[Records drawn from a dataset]

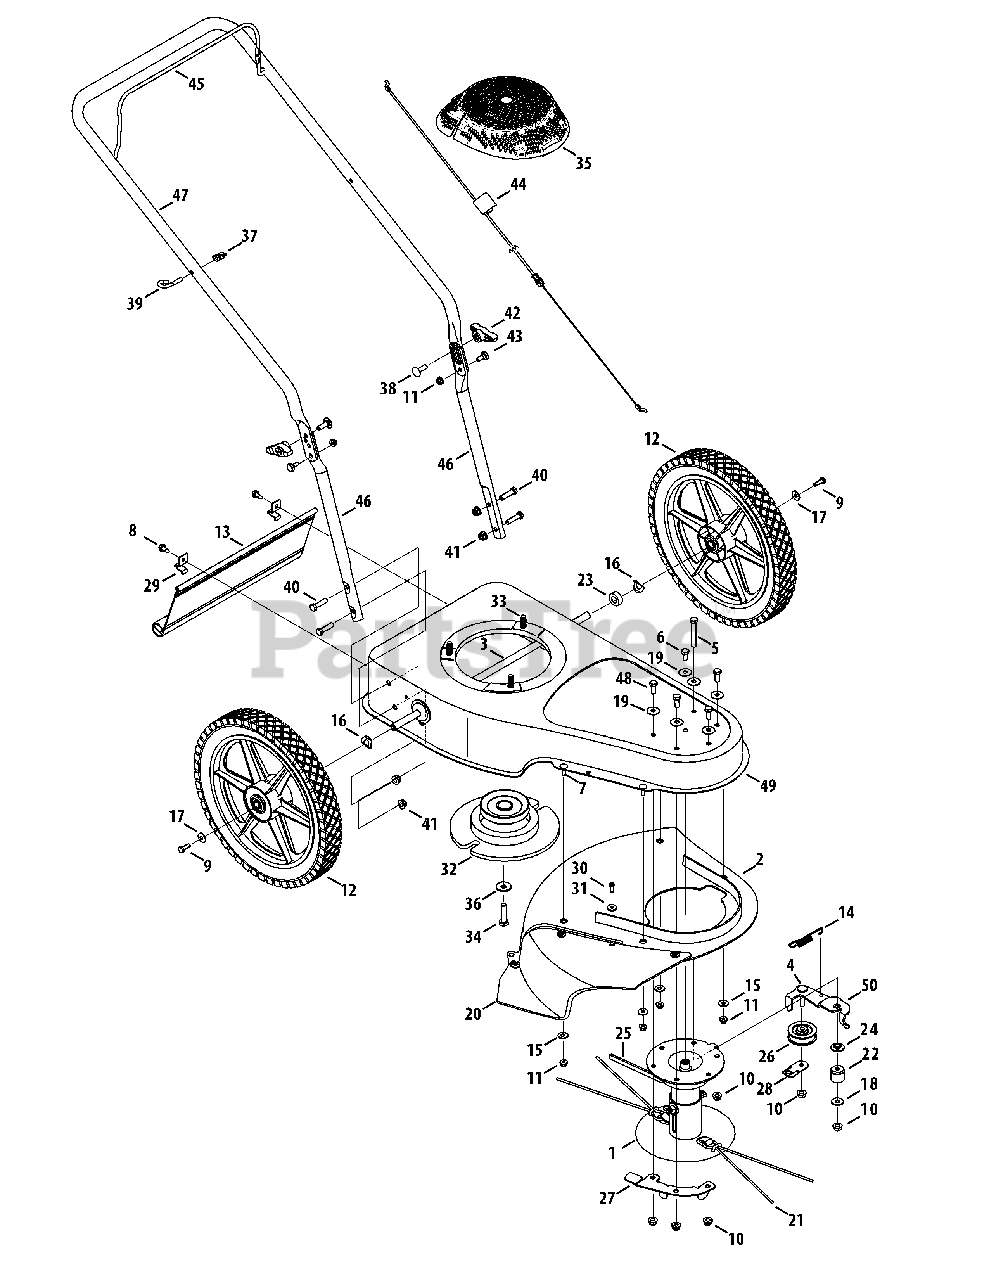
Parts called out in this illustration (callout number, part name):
1	Spindle Assembly
2	Deflector Assembly, Trimmer
3	Axle Assembly, Trimmer
4	Hex Cap Screw, 5/16-18 x 1.50
5	Hex Cap Screw, 5/16-18 x 2.25
6	Hex Screw, 5/16-24, .625, Gr5, Std
7	Screw, Carriage, 1/4-20, .75, Gr5
8	Screw, Self-tapping, 1/4-20 x .625
9	Hex Screw, 1/4-20, .75, Gr5, Std
10	Nut, Flange Lock, 5/16-18, GrF
11	Nut, Flange Lock, 1/4-20, GrF
12	Wheel, 14 x 1.75, Gray
13	Trailshield, 5.85 x 14.50
14	Spring, Extension, .50 OD x 3.375
15	Washer, Flat, .280 x .740 x .063
16	Washer, Spring, .500 x 1.00 x .022
17	Washer, Belle, .265 x .750 x .060
18	Washer, Flat, .343 x .880 x .062
19	Washer, Belle, .325 x .930 x .045
20	Flap, Deflector, String Trimmer
21	Line, Trimmer, .155, 10-pack
22	P/M Spacer
23	Spacer, .51 ID x 1.00 OD x .38
24	Spacer, Idler, Trimmer
26	Pulley, Idler, Trimmer
27	Keeper Bracket, Front
28	Keeper Bracket, Idler
29	Hinge Clip, Trailshield
30	Screw, HL, #12-16, .625, Panphi
31	Washer, Flat, .194 x .62 x .063
32	Pulley/Flywheel
33	Sems Screw, 3/8-16, 1.0,
34	Hex Screw, 3/8-24, 1.25, Gr8
35	Cover, Shroud
36	Washer, Belle, .396 x 1.14 x .095
37	Knob, Handle
38	Screw, Carriage, 5/16-18, 1.00, Gr5
39	Eye Bolt, 1/4-20
40	Hex Screw, 3/8-16, 1.25, Gr5, Std
41	Nut,, Flange Lock, 3/8-16, GRF
42	Knob, Wing, 5/16-18, Black
43	Shoulder Screw, .375 x .148 x1/4-20
44	Control Cable, 48"
46	Handle, Lower
47	Handle, Upper
48	Hex Cap Screw, 5/16-18 x .75
50	Idler Trimmer Bracket
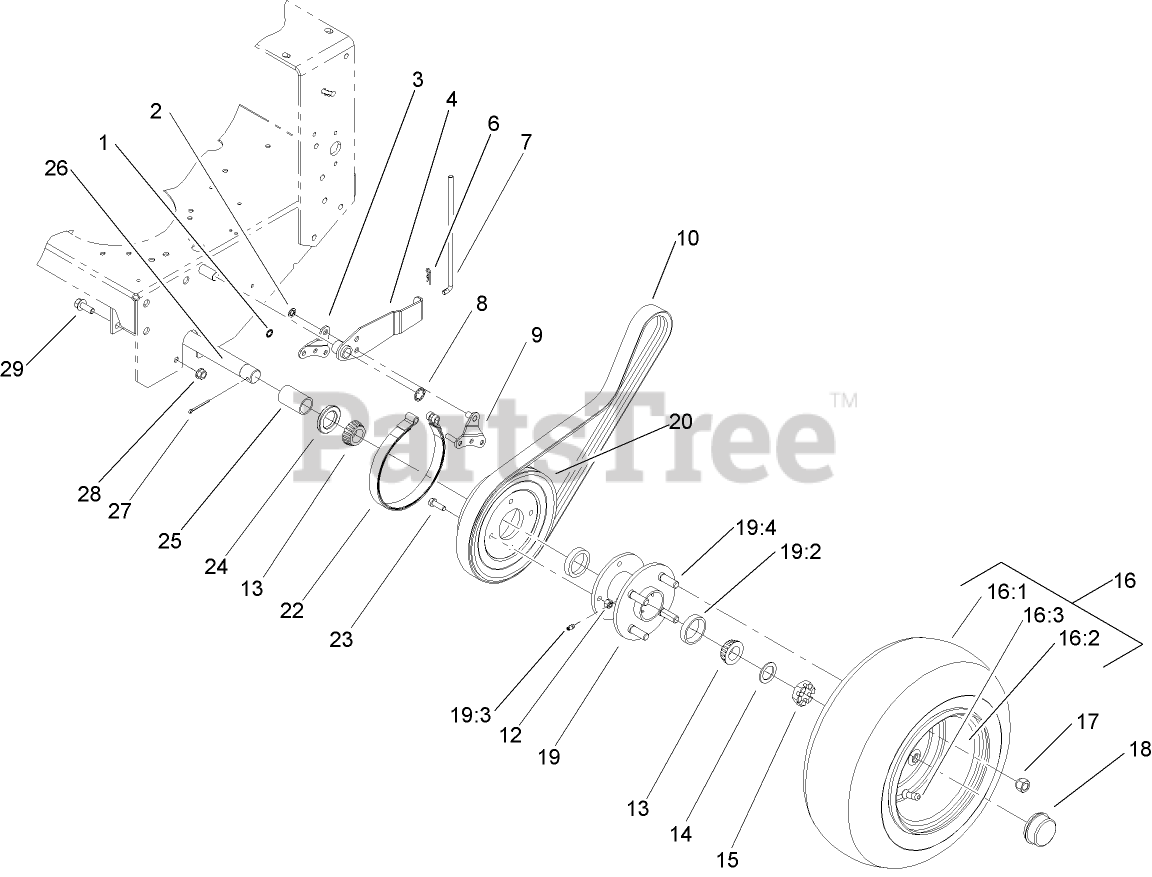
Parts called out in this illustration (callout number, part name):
1	RING-RETAINING
2	RING-RETAINING, EXTERNAL
3	PLATE-LINK, BRAKE
4	BRAKE ARM ASM
6	PIN-COTTER
7	ROD-BRAKE
8	RING-RETAINING
9	BRAKE LINK ASM
10	V-BELT
12	NUT-LOCK, NI
13	BEARING-CONE, TAPERED
14	WASHER-SPACER
15	NUT-SHH
16	WHEEL AND TIRE ASM
16:3	STEM-VALVE
17	NUT-LUG
18	CAP-DUST
19	HUB/WHEEL ASM
19:2	BEARING-CUP, TAPERED
19:3	FITTING-GREASE
19:4	STUD-WHEEL
20	PULLEY-WHEEL
22	BAND-BRAKE
23	SCREW-HH
24	SEAL-GREASE
25	SPACER-WHEEL
26	AXLE ASM
27	PIN-COTTER
28	NUT-HF
29	SCREW-HHF

◆ What to work on
Whenever images occur above, omit them and retype each line exactly as it stands.

◆ Your solution
Parts called out in this illustration (callout number, part name):
1	Spindle Assembly
2	Deflector Assembly, Trimmer
3	Axle Assembly, Trimmer
4	Hex Cap Screw, 5/16-18 x 1.50
5	Hex Cap Screw, 5/16-18 x 2.25
6	Hex Screw, 5/16-24, .625, Gr5, Std
7	Screw, Carriage, 1/4-20, .75, Gr5
8	Screw, Self-tapping, 1/4-20 x .625
9	Hex Screw, 1/4-20, .75, Gr5, Std
10	Nut, Flange Lock, 5/16-18, GrF
11	Nut, Flange Lock, 1/4-20, GrF
12	Wheel, 14 x 1.75, Gray
13	Trailshield, 5.85 x 14.50
14	Spring, Extension, .50 OD x 3.375
15	Washer, Flat, .280 x .740 x .063
16	Washer, Spring, .500 x 1.00 x .022
17	Washer, Belle, .265 x .750 x .060
18	Washer, Flat, .343 x .880 x .062
19	Washer, Belle, .325 x .930 x .045
20	Flap, Deflector, String Trimmer
21	Line, Trimmer, .155, 10-pack
22	P/M Spacer
23	Spacer, .51 ID x 1.00 OD x .38
24	Spacer, Idler, Trimmer
26	Pulley, Idler, Trimmer
27	Keeper Bracket, Front
28	Keeper Bracket, Idler
29	Hinge Clip, Trailshield
30	Screw, HL, #12-16, .625, Panphi
31	Washer, Flat, .194 x .62 x .063
32	Pulley/Flywheel
33	Sems Screw, 3/8-16, 1.0,
34	Hex Screw, 3/8-24, 1.25, Gr8
35	Cover, Shroud
36	Washer, Belle, .396 x 1.14 x .095
37	Knob, Handle
38	Screw, Carriage, 5/16-18, 1.00, Gr5
39	Eye Bolt, 1/4-20
40	Hex Screw, 3/8-16, 1.25, Gr5, Std
41	Nut,, Flange Lock, 3/8-16, GRF
42	Knob, Wing, 5/16-18, Black
43	Shoulder Screw, .375 x .148 x1/4-20
44	Control Cable, 48"
46	Handle, Lower
47	Handle, Upper
48	Hex Cap Screw, 5/16-18 x .75
50	Idler Trimmer Bracket
Parts called out in this illustration (callout number, part name):
1	RING-RETAINING
2	RING-RETAINING, EXTERNAL
3	PLATE-LINK, BRAKE
4	BRAKE ARM ASM
6	PIN-COTTER
7	ROD-BRAKE
8	RING-RETAINING
9	BRAKE LINK ASM
10	V-BELT
12	NUT-LOCK, NI
13	BEARING-CONE, TAPERED
14	WASHER-SPACER
15	NUT-SHH
16	WHEEL AND TIRE ASM
16:3	STEM-VALVE
17	NUT-LUG
18	CAP-DUST
19	HUB/WHEEL ASM
19:2	BEARING-CUP, TAPERED
19:3	FITTING-GREASE
19:4	STUD-WHEEL
20	PULLEY-WHEEL
22	BAND-BRAKE
23	SCREW-HH
24	SEAL-GREASE
25	SPACER-WHEEL
26	AXLE ASM
27	PIN-COTTER
28	NUT-HF
29	SCREW-HHF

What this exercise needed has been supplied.